§ **DIRECTIONS FOR THIS TASK**
What you return must match the records below character for character, except that no picture appears.

§ **Stored data entries**

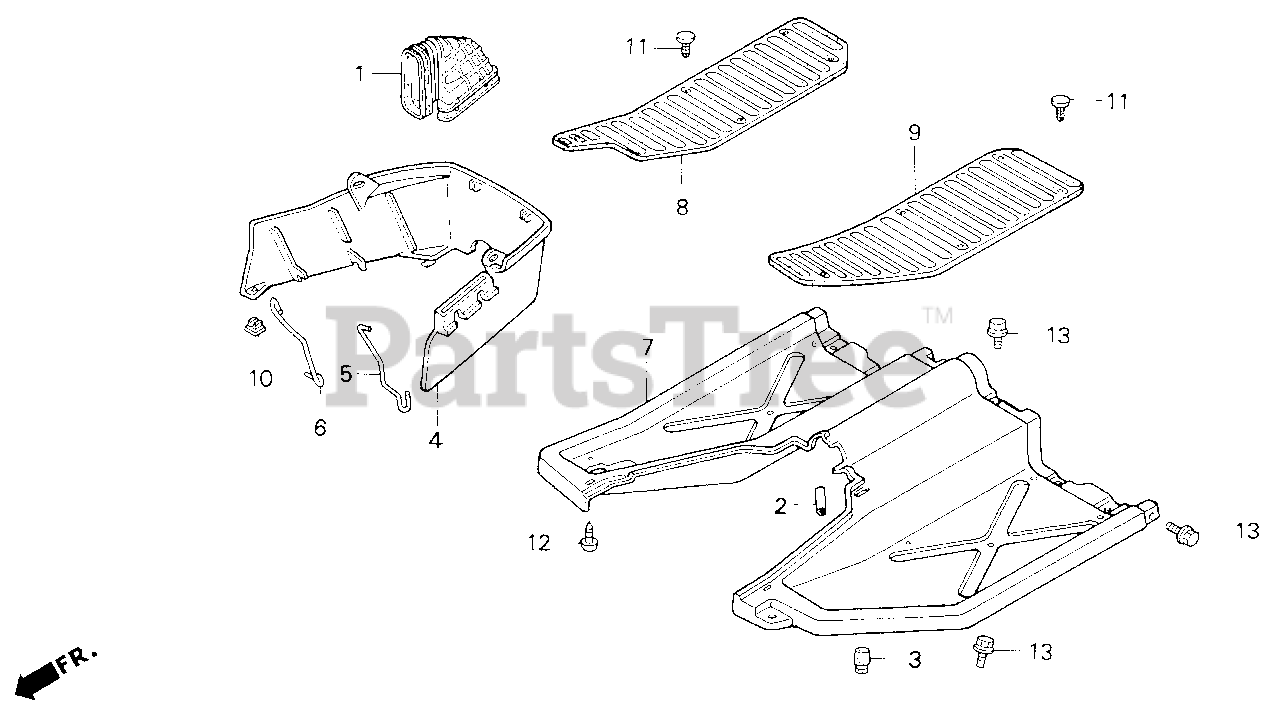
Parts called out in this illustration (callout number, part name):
3	RUBBER A, STOPPER
4	SHELL, COMPARTMENT *R165* (JOLLY RED)
5	ROD, COMPARTMENT SHELL
6	ROD, R. COMPARTMENT SHELL
7	PANEL, FLOOR *R165* (JOLLY RED)
8	FLOOR MAT, R.
9	FLOOR MAT, L.
10	GROMMET, SCREW (6MM)
11	CLIP, TRIM (5MM) *NH1L* (BLACK)
12	SCREW, TAPPING (5X16)
13	BOLT, FLANGE (6X12)
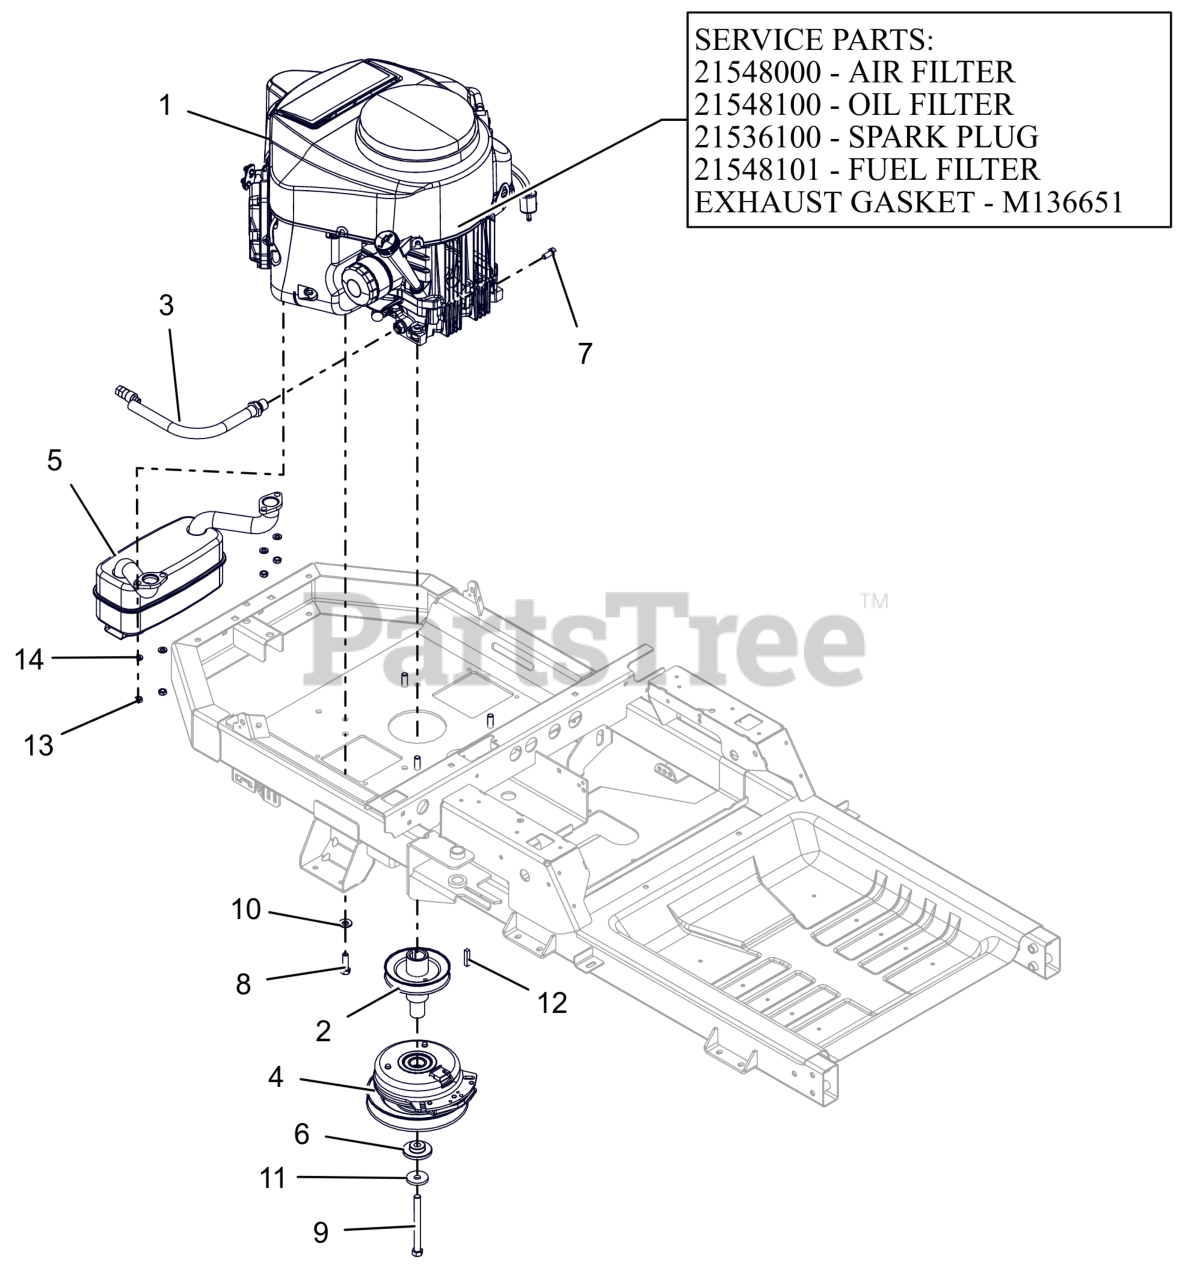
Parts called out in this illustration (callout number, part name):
1	ENGINE, KAWASAKI FR691 23HP
1	AIR FILTER, KAWASAKI FR
1	OIL FILTER, KAWASAKI FR
1	PLUG, SPARK
1	FUEL FILTER-KAWASAKI FR
1	GASKET, MUFFLER #
2	WLDMT, DRIVE SHEAVE-X
3	HOSE, OIL DRAIN
4	CLUTCH,105FTLB MONOPOLE 6.83"
5	MUFFLER - KAWASAKI
6	BSHG-FLG .469X1.06X.574X2.0
7	BLT, HEX M8-1.25X20 G8.8 ZCC
8	BLT, HEX .38-16X1.25 G5 ZCC NT
9	BLT, HEX .44-20X4.50 G8 ZCC NT
10	WASHER, 3/8" SPRING DISC
11	WASHER, 7/16" SPRING DISK
12	KEY-SQ .25 X 1.25 X .25 SAE
13	NUT, LK-CTR-JAM M8-1.25 GR8.8 ZC120
14	WSHR,LK-REG .312X.078 ZCC
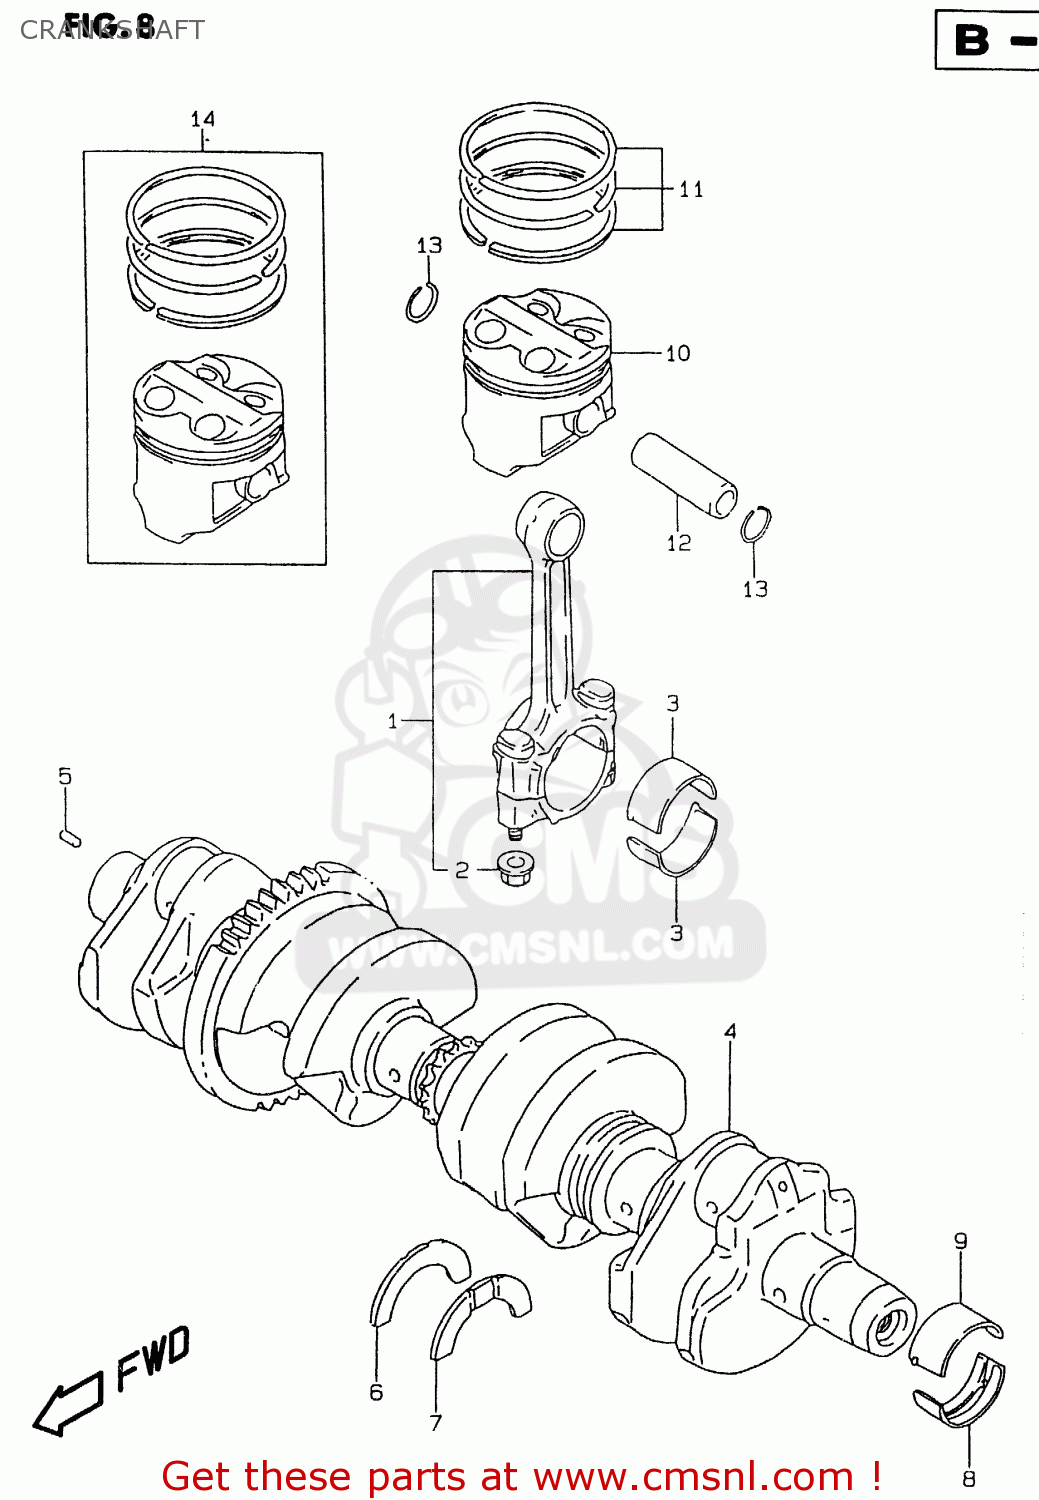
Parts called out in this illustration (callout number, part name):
1	ROD ASSEMBLY,CONNECTING
2	NUT
3	BEARING,CRANK PIN
4	CRANKSHAFT SET
5	PIN
6	PLATE,CRANK THRUST
7	PLATE,CRANK THRUST
8	BEARING,CRANKSHAFT LWR
9	BEARING,CRANKSHAFT UPR
10	PISTON
11	RING SET,PISTON
12	PIN,PISTON
13	CIRCLIP
14	PISTON SET(OS:0.5)
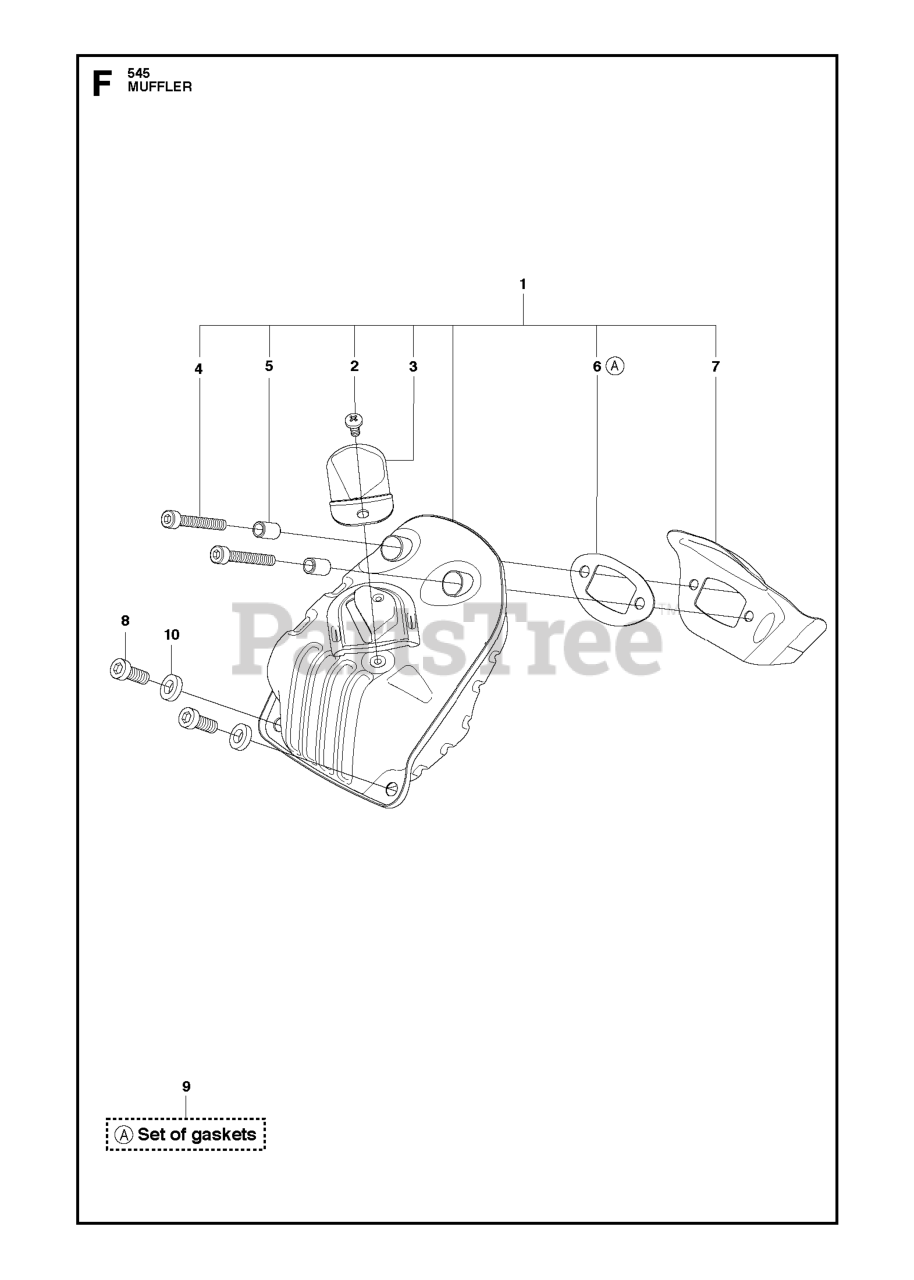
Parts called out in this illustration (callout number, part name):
1	MUFFLER KIT
2	SCREW
3	SPARK ARRESTER A004 50 CC
4	SCREW
5	SLEEVE
6	GASKET MUFFLER
7	HEAT DEFLECTOR
9	GASKET KIT

§ **YOUR SOLUTION**
Parts called out in this illustration (callout number, part name):
3	RUBBER A, STOPPER
4	SHELL, COMPARTMENT *R165* (JOLLY RED)
5	ROD, COMPARTMENT SHELL
6	ROD, R. COMPARTMENT SHELL
7	PANEL, FLOOR *R165* (JOLLY RED)
8	FLOOR MAT, R.
9	FLOOR MAT, L.
10	GROMMET, SCREW (6MM)
11	CLIP, TRIM (5MM) *NH1L* (BLACK)
12	SCREW, TAPPING (5X16)
13	BOLT, FLANGE (6X12)
Parts called out in this illustration (callout number, part name):
1	ENGINE, KAWASAKI FR691 23HP
1	AIR FILTER, KAWASAKI FR
1	OIL FILTER, KAWASAKI FR
1	PLUG, SPARK
1	FUEL FILTER-KAWASAKI FR
1	GASKET, MUFFLER #
2	WLDMT, DRIVE SHEAVE-X
3	HOSE, OIL DRAIN
4	CLUTCH,105FTLB MONOPOLE 6.83"
5	MUFFLER - KAWASAKI
6	BSHG-FLG .469X1.06X.574X2.0
7	BLT, HEX M8-1.25X20 G8.8 ZCC
8	BLT, HEX .38-16X1.25 G5 ZCC NT
9	BLT, HEX .44-20X4.50 G8 ZCC NT
10	WASHER, 3/8" SPRING DISC
11	WASHER, 7/16" SPRING DISK
12	KEY-SQ .25 X 1.25 X .25 SAE
13	NUT, LK-CTR-JAM M8-1.25 GR8.8 ZC120
14	WSHR,LK-REG .312X.078 ZCC
Parts called out in this illustration (callout number, part name):
1	ROD ASSEMBLY,CONNECTING
2	NUT
3	BEARING,CRANK PIN
4	CRANKSHAFT SET
5	PIN
6	PLATE,CRANK THRUST
7	PLATE,CRANK THRUST
8	BEARING,CRANKSHAFT LWR
9	BEARING,CRANKSHAFT UPR
10	PISTON
11	RING SET,PISTON
12	PIN,PISTON
13	CIRCLIP
14	PISTON SET(OS:0.5)
Parts called out in this illustration (callout number, part name):
1	MUFFLER KIT
2	SCREW
3	SPARK ARRESTER A004 50 CC
4	SCREW
5	SLEEVE
6	GASKET MUFFLER
7	HEAT DEFLECTOR
9	GASKET KIT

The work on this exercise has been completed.